Ok danke, brauche 15 Zoll  Ist von meinen auch eins zu gebrauchen, das Aluminium Gehäuse vom Anker hats mir angetan


----------



## phila_delphia (15. April 2013)

*AW: Notebook Kühler - Kaufempfehlung [Wichtig]*

Hallo!

Dein erster Link funktioniert für mich nicht.


Zu Notepal und Anker: Ich will kein Spielverderber sein. Ich hatte den Notepal U2 schon drei mal und an sich sind die auch wirklich gut (vor allem was die Höhe und den Winkel des Notebook angeht). Nur: Bei allen dreien hat nach 3-6 Monaten einer der Lüfter angefangen zu eiern und damit zu fiepen. Sehr unerträglich... Leider scheinen die Lüfter des Ankers von exakt der selben Bauart zu sein wie die des Notepal.

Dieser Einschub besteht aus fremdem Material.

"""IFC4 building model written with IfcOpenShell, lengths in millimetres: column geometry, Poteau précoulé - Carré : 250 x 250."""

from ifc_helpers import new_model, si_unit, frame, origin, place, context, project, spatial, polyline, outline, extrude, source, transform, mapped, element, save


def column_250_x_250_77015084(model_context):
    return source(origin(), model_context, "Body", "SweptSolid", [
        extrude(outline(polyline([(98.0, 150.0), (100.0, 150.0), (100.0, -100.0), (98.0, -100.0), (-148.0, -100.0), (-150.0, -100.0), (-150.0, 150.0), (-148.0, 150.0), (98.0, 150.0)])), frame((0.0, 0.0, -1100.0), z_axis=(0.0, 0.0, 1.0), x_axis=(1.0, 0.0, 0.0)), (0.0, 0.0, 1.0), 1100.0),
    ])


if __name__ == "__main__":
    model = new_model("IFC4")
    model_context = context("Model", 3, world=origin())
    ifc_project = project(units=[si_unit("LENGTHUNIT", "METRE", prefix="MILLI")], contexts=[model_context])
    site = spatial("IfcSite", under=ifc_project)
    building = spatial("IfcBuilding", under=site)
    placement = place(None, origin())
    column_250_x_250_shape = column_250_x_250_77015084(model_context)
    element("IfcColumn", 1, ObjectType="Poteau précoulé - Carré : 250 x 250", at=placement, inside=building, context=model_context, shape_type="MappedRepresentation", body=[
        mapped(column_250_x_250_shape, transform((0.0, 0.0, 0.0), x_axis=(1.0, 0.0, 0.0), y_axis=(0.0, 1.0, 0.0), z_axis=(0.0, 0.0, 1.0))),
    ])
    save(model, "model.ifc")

Ich würde vor diesem Huntergrund zu einem Enermax Aeolus raten: enermax aeolus premium - Google-Suche Ich habe ihn selbst unter meinem Notebook. Er ist sehr kräftig und produziert ein relativ tiefes - und damit für mein Empfinden angenehmes - Lüftergeräusch. Dafür ist der Kühler aber auch höher (besonders vorne).

Gruß

phila

P.S.: Bitte bedenke, dass das Coolingpad nur so viel bring wie du Lüftungsschlitze an der Unterseite Deiner Kiste hast  Die Große Hitze rührt in der Regel vor allem von einem Hitzestau unter der Abdeckung her. Ich habe für mich daher den Weg gewählt, den (abnehmbaren) Unterboden meines NB zu bearbeiten und habe ihm größere Lüftungsschlitze spendiert... Ich habe dazu die Eisengitter meines ausrangierten Notepal U2 verwendet: http://extreme.pcgameshardware.de/n...8-bessere-lueftung-fuer-das-clevo-p150hm.html Momentan habe ich nochmal eine andere Lösung... Dazu sollte ich wohl mal einen Thread erstellen...


----------



## Muck97 (16. April 2013)

*AW: Notebook Kühler - Kaufempfehlung [Wichtig]*

Ok danke für deine Beratung  Ich werde wahrscheinlich das Anker bestellen, weil mir das Aluminium Gehäuse so gut gefällt, und falls die Lüfter nach ein paar Monaten kaputt gehen, kann man sich doch bestimmt für ein paar Euro neue kaufen?

Ja bei mir ist großer Hitzestau unter dem Notebook :/ ich hoffe das kühlt ein laar grad runter.

Vg


----------



## Abductee (16. April 2013)

*AW: Notebook Kühler - Kaufempfehlung [Wichtig]*

Das Cooler Master Notepal ist auch aus Aluminum gefertigt.
Ich hab einen U2 und einen U3 in der Familie und ich kann von den Lüftern nichts schlechtes sagen.
Wobei der größte Kühleffekt meiner Meinung nach durch die erhöhte Position und der leichteren Luftansaugung zustande kommt.


----------



## phila_delphia (29. April 2013)

*AW: Notebook Kühler - Kaufempfehlung [Wichtig]*

Das U3 hat in der aktuellen Ausgabe von PCGH eine sehr gute Wertung erhalten.

Gruß

Phila

P.S.: Würde es mir - wegen des beschriebenen Problems - dennoch nicht mehr kaufen. Schade dass PCGH keinen Langzeittest macht...


----------